The government on Monday did away with the need for prior approval of foreign direct investment (FDI) in the broadcasting sector, allowing 100% FDI via automatic route for broadcasting carriage services.
This means that direct-to-home (DTH) operators, cable network companies, headend-in-the sky (HITS) operators and mobile television operators can now raise 100% FDI without seeking approval from the Foreign Investment Promotion Board (FIPB).
There are seven DTH operators, two HITS operators, 700 multi-system operators (MSOs) and 60,000 cable operators in the country, according to the Telecom Regulatory Authority of India (Trai).
HITS is a satellite based system to deliver TV channels to cable operators.
The government had raised the foreign investment limit for DTH, cable networks and HITS to 100% from 74% in November 2015, noting that only 49% FDI was allowed through the automatic route. For 100% FDI, companies were required to seek FIPB approval.

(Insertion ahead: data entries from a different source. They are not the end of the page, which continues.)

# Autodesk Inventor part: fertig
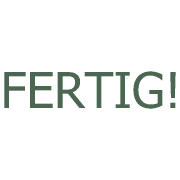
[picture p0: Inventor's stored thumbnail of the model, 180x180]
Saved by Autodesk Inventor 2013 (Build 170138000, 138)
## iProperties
Created: 2010-08
Part Number: fertig
Document SubType Name: Modeling
Designer: juergen
Density: 1 g/cm^3
Material: Allgemein
Author: juergen
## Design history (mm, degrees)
sketch "Skizze2"
  geometry: L1 (-33.361, 17.857)-(35.042, 17.857); L2 (35.042, 17.857)-(35.042, -14.328); L3 (35.042, -14.328)-(-33.361, -14.328); L4 (-33.361, -14.328)-(-33.361, 17.857); 1 further point
  constraints: 2 other
extrude "Extrusion1" new body sketch "Skizze2" distance "d0" = 10; taper "d1" = 0 deg
node "Volumenkörper1"
node "Volumenkörpern"
node "Oberflächenkörpern"
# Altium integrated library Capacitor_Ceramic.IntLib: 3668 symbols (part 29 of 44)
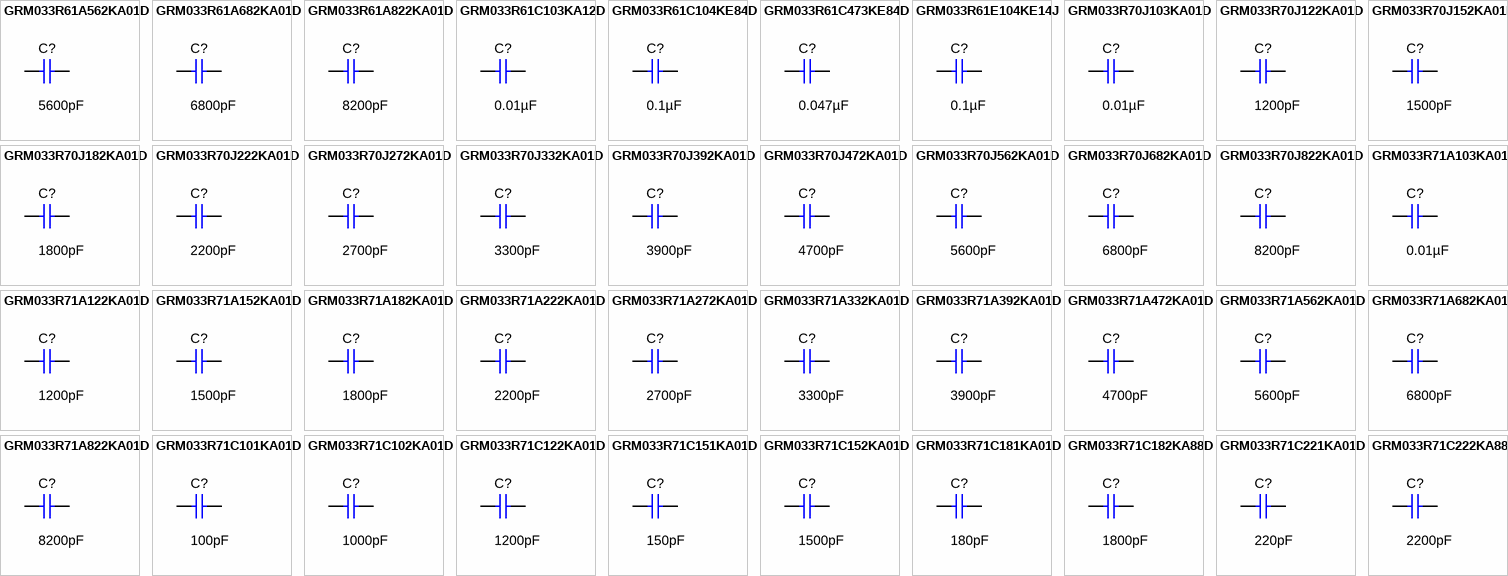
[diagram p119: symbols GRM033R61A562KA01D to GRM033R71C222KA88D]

## GRM033R70J182KA01D
designator C?  ValueDisplayed: 1800pF  (hidden comment: GRM033R70J182KA01D)
CAP, CERM, 1800 pF, 6.3 V,+/- 10%, X7R, 0201; Manufacturer: MuRata; Polarized: N; CompType: Capacitor; Value: 1800pF; U/M: EA; Cap_F: 0.0000000018; Tolerance_%: 10; VDC_V: 6.3; Value2: 6.3V; TaMin_C: -55; TaMax_C: 125; Cap_Case: 0201; SizeArea_mm2: 0.18; SizeAreaWB_mm2: 2.08; SizeX_mm: 0.6; SizeY_mm: 0.3; SizeZ_mm: 0.26; AEC Category: Q200
signal-integrity model Cap
simulation model Cap
footprint 0201
footprint 0201M
footprint 0201L
footprint 0201_Silk
pins: 1, 2

## GRM033R70J222KA01D
designator C?  ValueDisplayed: 2200pF  (hidden comment: GRM033R70J222KA01D)
CAP, CERM, 2200 pF, 6.3 V,+/- 10%, X7R, 0201; Manufacturer: MuRata; Polarized: N; CompType: Capacitor; Value: 2200pF; U/M: EA; Cap_F: 0.0000000022; Tolerance_%: 10; VDC_V: 6.3; Value2: 6.3V; TaMin_C: -55; TaMax_C: 125; Cap_Case: 0201; SizeArea_mm2: 0.18; SizeAreaWB_mm2: 2.08; SizeX_mm: 0.6; SizeY_mm: 0.3; SizeZ_mm: 0.26; AEC Category: Q200
signal-integrity model Cap
simulation model Cap
footprint 0201
footprint 0201M
footprint 0201L
footprint 0201_Silk
pins: 1, 2

## GRM033R70J272KA01D
designator C?  ValueDisplayed: 2700pF  (hidden comment: GRM033R70J272KA01D)
CAP, CERM, 2700 pF, 6.3 V,+/- 10%, X7R, 0201; Manufacturer: MuRata; Polarized: N; CompType: Capacitor; Value: 2700pF; U/M: EA; Cap_F: 0.0000000027; Tolerance_%: 10; VDC_V: 6.3; Value2: 6.3V; TaMin_C: -55; TaMax_C: 125; Cap_Case: 0201; SizeArea_mm2: 0.18; SizeAreaWB_mm2: 2.08; SizeX_mm: 0.6; SizeY_mm: 0.3; SizeZ_mm: 0.26; AEC Category: Q200
signal-integrity model Cap
simulation model Cap
footprint 0201
footprint 0201M
footprint 0201L
footprint 0201_Silk
pins: 1, 2

## GRM033R70J332KA01D
designator C?  ValueDisplayed: 3300pF  (hidden comment: GRM033R70J332KA01D)
CAP, CERM, 3300 pF, 6.3 V,+/- 10%, X7R, 0201; Manufacturer: MuRata; Polarized: N; CompType: Capacitor; Value: 3300pF; U/M: EA; Cap_F: 0.0000000033; Tolerance_%: 10; VDC_V: 6.3; Value2: 6.3V; TaMin_C: -55; TaMax_C: 125; Cap_Case: 0201; SizeArea_mm2: 0.18; SizeAreaWB_mm2: 2.08; SizeX_mm: 0.6; SizeY_mm: 0.3; SizeZ_mm: 0.26; AEC Category: Q200
signal-integrity model Cap
simulation model Cap
footprint 0201
footprint 0201M
footprint 0201L
footprint 0201_Silk
pins: 1, 2

## GRM033R70J392KA01D
designator C?  ValueDisplayed: 3900pF  (hidden comment: GRM033R70J392KA01D)
CAP, CERM, 3900 pF, 6.3 V,+/- 10%, X7R, 0201; Manufacturer: MuRata; Polarized: N; CompType: Capacitor; Value: 3900pF; U/M: EA; Cap_F: 0.0000000039; Tolerance_%: 10; VDC_V: 6.3; Value2: 6.3V; TaMin_C: -55; TaMax_C: 125; Cap_Case: 0201; SizeArea_mm2: 0.18; SizeAreaWB_mm2: 2.08; SizeX_mm: 0.6; SizeY_mm: 0.3; SizeZ_mm: 0.26; AEC Category: Q200
signal-integrity model Cap
simulation model Cap
footprint 0201
footprint 0201M
footprint 0201L
footprint 0201_Silk
pins: 1, 2

## GRM033R70J472KA01D
designator C?  ValueDisplayed: 4700pF  (hidden comment: GRM033R70J472KA01D)
CAP, CERM, 4700 pF, 6.3 V,+/- 10%, X7R, 0201; Manufacturer: MuRata; Polarized: N; CompType: Capacitor; Value: 4700pF; U/M: EA; Cap_F: 0.0000000047; Tolerance_%: 10; VDC_V: 6.3; Value2: 6.3V; TaMin_C: -55; TaMax_C: 125; Cap_Case: 0201; SizeArea_mm2: 0.18; SizeAreaWB_mm2: 2.08; SizeX_mm: 0.6; SizeY_mm: 0.3; SizeZ_mm: 0.26; AEC Category: Q200
signal-integrity model Cap
simulation model Cap
footprint 0201
footprint 0201M
footprint 0201L
footprint 0201_Silk
pins: 1, 2

## GRM033R70J562KA01D
designator C?  ValueDisplayed: 5600pF  (hidden comment: GRM033R70J562KA01D)
CAP, CERM, 5600 pF, 6.3 V,+/- 10%, X7R, 0201; Manufacturer: MuRata; Polarized: N; CompType: Capacitor; Value: 5600pF; U/M: EA; Cap_F: 0.0000000056; Tolerance_%: 10; VDC_V: 6.3; Value2: 6.3V; TaMin_C: -55; TaMax_C: 125; Cap_Case: 0201; SizeArea_mm2: 0.18; SizeAreaWB_mm2: 2.08; SizeX_mm: 0.6; SizeY_mm: 0.3; SizeZ_mm: 0.26; AEC Category: Q200
signal-integrity model Cap
simulation model Cap
footprint 0201
footprint 0201M
footprint 0201L
footprint 0201_Silk
pins: 1, 2

## GRM033R70J682KA01D
designator C?  ValueDisplayed: 6800pF  (hidden comment: GRM033R70J682KA01D)
CAP, CERM, 6800 pF, 6.3 V,+/- 10%, X7R, 0201; Manufacturer: MuRata; Polarized: N; CompType: Capacitor; Value: 6800pF; U/M: EA; Cap_F: 0.0000000068; Tolerance_%: 10; VDC_V: 6.3; Value2: 6.3V; TaMin_C: -55; TaMax_C: 125; Cap_Case: 0201; SizeArea_mm2: 0.18; SizeAreaWB_mm2: 2.08; SizeX_mm: 0.6; SizeY_mm: 0.3; SizeZ_mm: 0.26; AEC Category: Q200
signal-integrity model Cap
simulation model Cap
footprint 0201
footprint 0201M
footprint 0201L
footprint 0201_Silk
pins: 1, 2

## GRM033R70J822KA01D
designator C?  ValueDisplayed: 8200pF  (hidden comment: GRM033R70J822KA01D)
CAP, CERM, 8200 pF, 6.3 V,+/- 10%, X7R, 0201; Manufacturer: MuRata; Polarized: N; CompType: Capacitor; Value: 8200pF; U/M: EA; Cap_F: 0.0000000082; Tolerance_%: 10; VDC_V: 6.3; Value2: 6.3V; TaMin_C: -55; TaMax_C: 125; Cap_Case: 0201; SizeArea_mm2: 0.18; SizeAreaWB_mm2: 2.08; SizeX_mm: 0.6; SizeY_mm: 0.3; SizeZ_mm: 0.26; AEC Category: Q200
signal-integrity model Cap
simulation model Cap
footprint 0201
footprint 0201M
footprint 0201L
footprint 0201_Silk
pins: 1, 2

## GRM033R71A103KA01D
designator C?  ValueDisplayed: 0.01µF  (hidden comment: GRM033R71A103KA01D)
CAP, CERM, 0.01 µF, 10 V,+/- 10%, X7R, 0201; Manufacturer: MuRata; Polarized: N; CompType: Capacitor; Value: 0.01uF; U/M: EA; Cap_F: 0.00000001; Tolerance_%: 10; Value2: 10V; TaMin_C: -55; TaMax_C: 125; Cap_Case: 0201; SizeArea_mm2: 0.18; SizeAreaWB_mm2: 2.08; SizeX_mm: 0.6; SizeY_mm: 0.3; SizeZ_mm: 0.26; AEC Category: Q200; Green_Lifecycle: Active; Green_REACh: Passed
signal-integrity model Cap
simulation model Cap
footprint 0201
footprint 0201M
footprint 0201L
footprint 0201_Silk
pins: 1, 2

## GRM033R71A122KA01D
designator C?  ValueDisplayed: 1200pF  (hidden comment: GRM033R71A122KA01D)
CAP, CERM, 1200 pF, 10 V,+/- 10%, X7R, 0201; Manufacturer: MuRata; Polarized: N; CompType: Capacitor; Value: 1200pF; U/M: EA; Cap_F: 0.0000000012; Tolerance_%: 10; Value2: 10V; TaMin_C: -55; TaMax_C: 125; Cap_Case: 0201; SizeArea_mm2: 0.18; SizeAreaWB_mm2: 2.08; SizeX_mm: 0.6; SizeY_mm: 0.3; SizeZ_mm: 0.26; AEC Category: Q200
signal-integrity model Cap
simulation model Cap
footprint 0201
footprint 0201M
footprint 0201L
footprint 0201_Silk
pins: 1, 2

## GRM033R71A152KA01D
designator C?  ValueDisplayed: 1500pF  (hidden comment: GRM033R71A152KA01D)
CAP, CERM, 1500 pF, 10 V,+/- 10%, X7R, 0201; Manufacturer: MuRata; Polarized: N; CompType: Capacitor; Value: 1500pF; U/M: EA; Cap_F: 0.0000000015; Tolerance_%: 10; Value2: 10V; TaMin_C: -55; TaMax_C: 125; Cap_Case: 0201; SizeArea_mm2: 0.18; SizeAreaWB_mm2: 2.08; SizeX_mm: 0.6; SizeY_mm: 0.3; SizeZ_mm: 0.26; AEC Category: Q200
signal-integrity model Cap
simulation model Cap
footprint 0201
footprint 0201M
footprint 0201L
footprint 0201_Silk
pins: 1, 2

## GRM033R71A182KA01D
designator C?  ValueDisplayed: 1800pF  (hidden comment: GRM033R71A182KA01D)
CAP, CERM, 1800 pF, 10 V,+/- 10%, X7R, 0201; Manufacturer: MuRata; Polarized: N; CompType: Capacitor; Value: 1800pF; U/M: EA; Cap_F: 0.0000000018; Tolerance_%: 10; Value2: 10V; TaMin_C: -55; TaMax_C: 125; Cap_Case: 0201; SizeArea_mm2: 0.18; SizeAreaWB_mm2: 2.08; SizeX_mm: 0.6; SizeY_mm: 0.3; SizeZ_mm: 0.26; AEC Category: Q200
signal-integrity model Cap
simulation model Cap
footprint 0201
footprint 0201M
footprint 0201L
footprint 0201_Silk
pins: 1, 2

## GRM033R71A222KA01D
designator C?  ValueDisplayed: 2200pF  (hidden comment: GRM033R71A222KA01D)
CAP, CERM, 2200 pF, 10 V,+/- 10%, X7R, 0201; Manufacturer: MuRata; Polarized: N; CompType: Capacitor; Value: 2200pF; U/M: EA; Cap_F: 0.0000000022; Tolerance_%: 10; Value2: 10V; TaMin_C: -55; TaMax_C: 125; Cap_Case: 0201; SizeArea_mm2: 0.18; SizeAreaWB_mm2: 2.08; SizeX_mm: 0.6; SizeY_mm: 0.3; SizeZ_mm: 0.26; AEC Category: Q200
signal-integrity model Cap
simulation model Cap
footprint 0201
footprint 0201M
footprint 0201L
footprint 0201_Silk
pins: 1, 2

## GRM033R71A272KA01D
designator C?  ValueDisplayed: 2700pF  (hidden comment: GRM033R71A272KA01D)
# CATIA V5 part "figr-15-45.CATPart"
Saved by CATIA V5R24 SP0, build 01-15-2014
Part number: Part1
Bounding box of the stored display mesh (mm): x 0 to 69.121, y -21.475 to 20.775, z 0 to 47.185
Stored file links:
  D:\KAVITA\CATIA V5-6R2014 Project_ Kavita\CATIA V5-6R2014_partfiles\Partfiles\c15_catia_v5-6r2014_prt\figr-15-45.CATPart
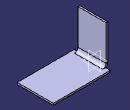
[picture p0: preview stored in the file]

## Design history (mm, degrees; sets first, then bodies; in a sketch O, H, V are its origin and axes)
SheetMetalParameters1: Thickness 2, BendRadius 4, KFactor 0.400515 {= log(min(100,max(20*SheetMetalParameters1.BendRadius,SheetMetalParameters1.Thickness)/SheetMetalParameters1.Thickness))/log(100)/2}, ReliefRadialLength 1, ReliefAxialLength 2, MinimumBendRadius 0
Body1 (main body)
  Sketch1 on xy-plane, origin (0, 0, 0), H (1, 0, 0), V (0, 1, 0)
    line L1 (2.4998, 20.7748) -> (69.1212, 20.7748)
    line L2 (69.1212, 20.7748) -> (69.1212, -21.4753)
    line L3 (69.1212, -21.4753) -> (2.4998, -21.4753)
    line L4 (2.4998, -21.4753) -> (2.4998, 20.7748)
    horizontal: L1 H, L3 H
    vertical: L2 V, L4 V
  Wall1: Thickness 2, Profile Sketch1
  Sketch2 on yz-plane, origin (0, 0, 0), H (0, 1, 0), V (0, 0, 1)
    line L1 (-17.3994, 47.1851) -> (15.4124, 47.1851)
    line L2 (15.4124, 47.1851) -> (15.4124, 3.5135)
    line L3 (15.4124, 3.5135) -> (-17.3994, 3.5135)
    line L4 (-17.3994, 3.5135) -> (-17.3994, 47.1851)
    horizontal: L1 H, L3 H
    vertical: L2 V, L4 V
  Wall2: Thickness 2, Profile Sketch2
  d_Bend1: Bend_BendTable SheetMetalParameters1, Bend_Thickness 2, Bend_KFactor 0.400515 {= log(min(100,max(20*d_Bend1.Bend_KFactorRadius,SheetMetalParameters1.Thickness)/SheetMetalParameters1.Thickness))/log(100)/2}, Bend_FirstSupport Wall1, Bend_SecondSupport Wall2, Bend_KFactorRadius 4 {= d_Bend1.CylindricalBendSurf_Radius}, Bend_Deduction -4.4586 {= (d_Bend1.CylindricalBendSurf_Radius+SheetMetalParameters1.Thickness*d_Bend1.Bend_KFactor)*(PI-abs(d_Bend1.BendSurf_OpenAngle))-2*(d_Bend1.CylindricalBendSurf_Radius+SheetMetalParameters1.Thickness)*tan(min((PI-abs(d_Bend1.BendSurf_OpenAngle)),(PI/2))/2)}

In the new policy, the government also said that fresh foreign investment beyond 49% in a company which is not seeking licence or permission from the sectoral ministry will require FIPB approval if there is a change in the ownership pattern or a transfer of stake from existing investors to new foreign investors.
V. Raj Kumar, group general counsel at Den Networks, a Delhi-based cable TV distribution company, said that raising the investment limit is bound to create more opportunities in the sector. “The investment will flow and that’s better for everyone,” he said.
While cable industry executives welcomed the announcement, DTH firms and HITS operators said that it will provide no additional benefit and is premature. “The HITS industry has not even touched the previous 74% FDI limit, let alone 100% and automatic route,” said a senior official at Hinduja Ventures Ltd, declining to be named and adding that this tweak may be a good sign but the industry has to wait and watch. The Hinduja group operates both a digital cable network and a HITS platform.
Harit Nagpal, managing director and chief executive officer at Tata Sky Ltd, agreed, saying 100% FDI via the automatic route is meaningless and will not lead to an increase FDI inflows. He emphasized that the government’s 20% cap on cross-media holding is blocking the inflow of foreign funds.
“Two years ago, Trai had recommended removal of this cap which has not been approved,” he said.
Nagpal added that financial investors are available but they don’t bring value to the business and have a short-term horizon. “We want strategic investors who are already in the media business to bring value. Unless those people are involved, no matter what FDI is allowed, it will not help bring in the requisite investments,” Nagpal said.
Zee group’s DTH firm Dish TV India Ltd said that the government’s statement was not clear and that the company will wait for the detailed report before commenting on the changes.